- Exercise description: Please return the listing below word for word, minus its pictures.

- Records for this task:

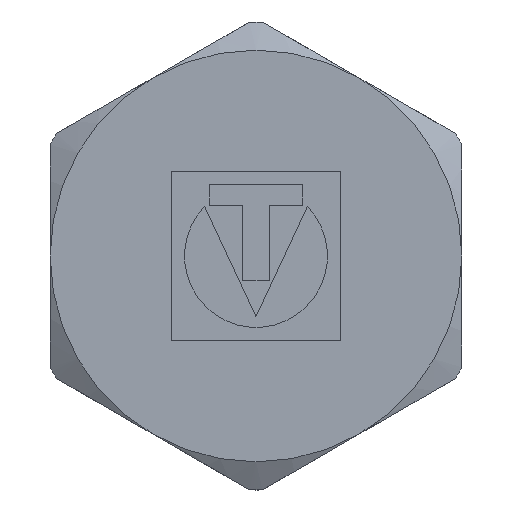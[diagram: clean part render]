
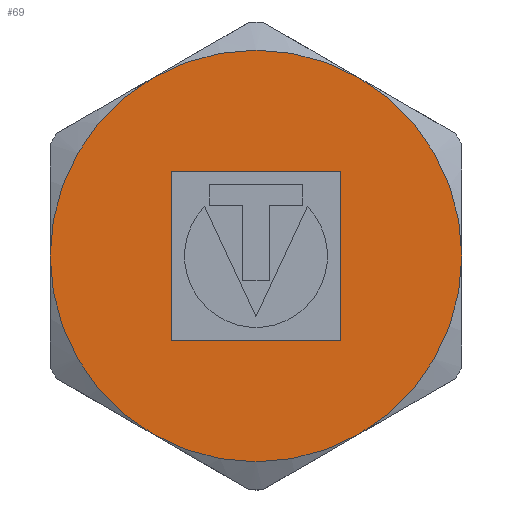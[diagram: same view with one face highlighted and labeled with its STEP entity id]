
A CAD part, front view. The second image highlights one B-rep face of the part: STEP entity #69.
In plain terms, the highlighted planar face has unit normal (0, -1, 0).
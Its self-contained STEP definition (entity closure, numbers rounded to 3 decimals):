
#69=ADVANCED_FACE('',(#268,#270),#272,.F.);
#268=FACE_BOUND('',#269,.T.);
#269=EDGE_LOOP('',(#528,#529,#530,#531));
#270=FACE_BOUND('',#271,.T.);
#271=EDGE_LOOP('',(#532,#533,#534,#535));
#272=PLANE('',#273);
#273=AXIS2_PLACEMENT_3D('',#274,#275,#276);
#274=CARTESIAN_POINT('',(0.,0.,0.));
#275=DIRECTION('',(0.,1.,0.));
#276=DIRECTION('',(-1.,0.,0.));
#528=ORIENTED_EDGE('',*,*,#682,.T.);
#529=ORIENTED_EDGE('',*,*,#681,.T.);
#530=ORIENTED_EDGE('',*,*,#680,.T.);
#531=ORIENTED_EDGE('',*,*,#679,.T.);
#532=ORIENTED_EDGE('',*,*,#683,.F.);
#533=ORIENTED_EDGE('',*,*,#684,.F.);
#534=ORIENTED_EDGE('',*,*,#685,.F.);
#535=ORIENTED_EDGE('',*,*,#686,.F.);
#679=EDGE_CURVE('',#777,#808,#820,.F.);
#680=EDGE_CURVE('',#786,#777,#821,.F.);
#681=EDGE_CURVE('',#794,#786,#822,.F.);
#682=EDGE_CURVE('',#808,#794,#823,.F.);
#683=EDGE_CURVE('',#824,#825,#826,.F.);
#684=EDGE_CURVE('',#827,#824,#828,.F.);
#685=EDGE_CURVE('',#829,#827,#830,.F.);
#686=EDGE_CURVE('',#825,#829,#831,.F.);
#777=VERTEX_POINT('',#1320);
#786=VERTEX_POINT('',#1388);
#794=VERTEX_POINT('',#1464);
#808=VERTEX_POINT('',#1580);
#820=CIRCLE('',#1708,18.25);
#821=CIRCLE('',#1712,18.25);
#822=CIRCLE('',#1716,18.25);
#823=CIRCLE('',#1720,18.25);
#824=VERTEX_POINT('',#1724);
#825=VERTEX_POINT('',#1725);
#826=LINE('',#1726,#1727);
#827=VERTEX_POINT('',#1729);
#828=LINE('',#1730,#1731);
#829=VERTEX_POINT('',#1733);
#830=LINE('',#1734,#1735);
#831=LINE('',#1737,#1738);
#1320=CARTESIAN_POINT('',(-9.125,0.,-15.805));
#1388=CARTESIAN_POINT('',(-18.25,0.,0.));
#1464=CARTESIAN_POINT('',(-9.125,0.,15.805));
#1580=CARTESIAN_POINT('',(18.25,0.,0.));
#1708=AXIS2_PLACEMENT_3D('',#1709,#1710,#1711);
#1709=CARTESIAN_POINT('',(0.,0.,0.));
#1710=DIRECTION('',(0.,1.,0.));
#1711=DIRECTION('',(1.,0.,0.));
#1712=AXIS2_PLACEMENT_3D('',#1713,#1714,#1715);
#1713=CARTESIAN_POINT('',(0.,0.,0.));
#1714=DIRECTION('',(0.,1.,0.));
#1715=DIRECTION('',(-0.5,0.,-0.866));
#1716=AXIS2_PLACEMENT_3D('',#1717,#1718,#1719);
#1717=CARTESIAN_POINT('',(0.,0.,0.));
#1718=DIRECTION('',(0.,1.,0.));
#1719=DIRECTION('',(-1.,0.,0.));
#1720=AXIS2_PLACEMENT_3D('',#1721,#1722,#1723);
#1721=CARTESIAN_POINT('',(0.,0.,0.));
#1722=DIRECTION('',(0.,1.,0.));
#1723=DIRECTION('',(-0.5,0.,0.866));
#1724=CARTESIAN_POINT('',(7.499,0.,-7.499));
#1725=CARTESIAN_POINT('',(7.499,0.,7.499));
#1726=CARTESIAN_POINT('',(7.499,0.,7.499));
#1727=VECTOR('',#1728,1.);
#1728=DIRECTION('',(0.,0.,-1.));
#1729=CARTESIAN_POINT('',(-7.499,0.,-7.499));
#1730=CARTESIAN_POINT('',(7.499,0.,-7.499));
#1731=VECTOR('',#1732,1.);
#1732=DIRECTION('',(-1.,0.,0.));
#1733=CARTESIAN_POINT('',(-7.499,0.,7.499));
#1734=CARTESIAN_POINT('',(-7.499,0.,-7.499));
#1735=VECTOR('',#1736,1.);
#1736=DIRECTION('',(0.,0.,1.));
#1737=CARTESIAN_POINT('',(-7.499,0.,7.499));
#1738=VECTOR('',#1739,1.);
#1739=DIRECTION('',(1.,0.,0.));

- Solved exercise:
[diagram: clean part render]
[diagram: same view with one face highlighted and labeled with its STEP entity id]
A CAD part, front view. The second image highlights one B-rep face of the part: STEP entity #69.
In plain terms, the highlighted planar face has unit normal (0, -1, 0).
Its self-contained STEP definition (entity closure, numbers rounded to 3 decimals):
#69=ADVANCED_FACE('',(#268,#270),#272,.F.);
#268=FACE_BOUND('',#269,.T.);
#269=EDGE_LOOP('',(#528,#529,#530,#531));
#270=FACE_BOUND('',#271,.T.);
#271=EDGE_LOOP('',(#532,#533,#534,#535));
#272=PLANE('',#273);
#273=AXIS2_PLACEMENT_3D('',#274,#275,#276);
#274=CARTESIAN_POINT('',(0.,0.,0.));
#275=DIRECTION('',(0.,1.,0.));
#276=DIRECTION('',(-1.,0.,0.));
#528=ORIENTED_EDGE('',*,*,#682,.T.);
#529=ORIENTED_EDGE('',*,*,#681,.T.);
#530=ORIENTED_EDGE('',*,*,#680,.T.);
#531=ORIENTED_EDGE('',*,*,#679,.T.);
#532=ORIENTED_EDGE('',*,*,#683,.F.);
#533=ORIENTED_EDGE('',*,*,#684,.F.);
#534=ORIENTED_EDGE('',*,*,#685,.F.);
#535=ORIENTED_EDGE('',*,*,#686,.F.);
#679=EDGE_CURVE('',#777,#808,#820,.F.);
#680=EDGE_CURVE('',#786,#777,#821,.F.);
#681=EDGE_CURVE('',#794,#786,#822,.F.);
#682=EDGE_CURVE('',#808,#794,#823,.F.);
#683=EDGE_CURVE('',#824,#825,#826,.F.);
#684=EDGE_CURVE('',#827,#824,#828,.F.);
#685=EDGE_CURVE('',#829,#827,#830,.F.);
#686=EDGE_CURVE('',#825,#829,#831,.F.);
#777=VERTEX_POINT('',#1320);
#786=VERTEX_POINT('',#1388);
#794=VERTEX_POINT('',#1464);
#808=VERTEX_POINT('',#1580);
#820=CIRCLE('',#1708,18.25);
#821=CIRCLE('',#1712,18.25);
#822=CIRCLE('',#1716,18.25);
#823=CIRCLE('',#1720,18.25);
#824=VERTEX_POINT('',#1724);
#825=VERTEX_POINT('',#1725);
#826=LINE('',#1726,#1727);
#827=VERTEX_POINT('',#1729);
#828=LINE('',#1730,#1731);
#829=VERTEX_POINT('',#1733);
#830=LINE('',#1734,#1735);
#831=LINE('',#1737,#1738);
#1320=CARTESIAN_POINT('',(-9.125,0.,-15.805));
#1388=CARTESIAN_POINT('',(-18.25,0.,0.));
#1464=CARTESIAN_POINT('',(-9.125,0.,15.805));
#1580=CARTESIAN_POINT('',(18.25,0.,0.));
#1708=AXIS2_PLACEMENT_3D('',#1709,#1710,#1711);
#1709=CARTESIAN_POINT('',(0.,0.,0.));
#1710=DIRECTION('',(0.,1.,0.));
#1711=DIRECTION('',(1.,0.,0.));
#1712=AXIS2_PLACEMENT_3D('',#1713,#1714,#1715);
#1713=CARTESIAN_POINT('',(0.,0.,0.));
#1714=DIRECTION('',(0.,1.,0.));
#1715=DIRECTION('',(-0.5,0.,-0.866));
#1716=AXIS2_PLACEMENT_3D('',#1717,#1718,#1719);
#1717=CARTESIAN_POINT('',(0.,0.,0.));
#1718=DIRECTION('',(0.,1.,0.));
#1719=DIRECTION('',(-1.,0.,0.));
#1720=AXIS2_PLACEMENT_3D('',#1721,#1722,#1723);
#1721=CARTESIAN_POINT('',(0.,0.,0.));
#1722=DIRECTION('',(0.,1.,0.));
#1723=DIRECTION('',(-0.5,0.,0.866));
#1724=CARTESIAN_POINT('',(7.499,0.,-7.499));
#1725=CARTESIAN_POINT('',(7.499,0.,7.499));
#1726=CARTESIAN_POINT('',(7.499,0.,7.499));
#1727=VECTOR('',#1728,1.);
#1728=DIRECTION('',(0.,0.,-1.));
#1729=CARTESIAN_POINT('',(-7.499,0.,-7.499));
#1730=CARTESIAN_POINT('',(7.499,0.,-7.499));
#1731=VECTOR('',#1732,1.);
#1732=DIRECTION('',(-1.,0.,0.));
#1733=CARTESIAN_POINT('',(-7.499,0.,7.499));
#1734=CARTESIAN_POINT('',(-7.499,0.,-7.499));
#1735=VECTOR('',#1736,1.);
#1736=DIRECTION('',(0.,0.,1.));
#1737=CARTESIAN_POINT('',(-7.499,0.,7.499));
#1738=VECTOR('',#1739,1.);
#1739=DIRECTION('',(1.,0.,0.));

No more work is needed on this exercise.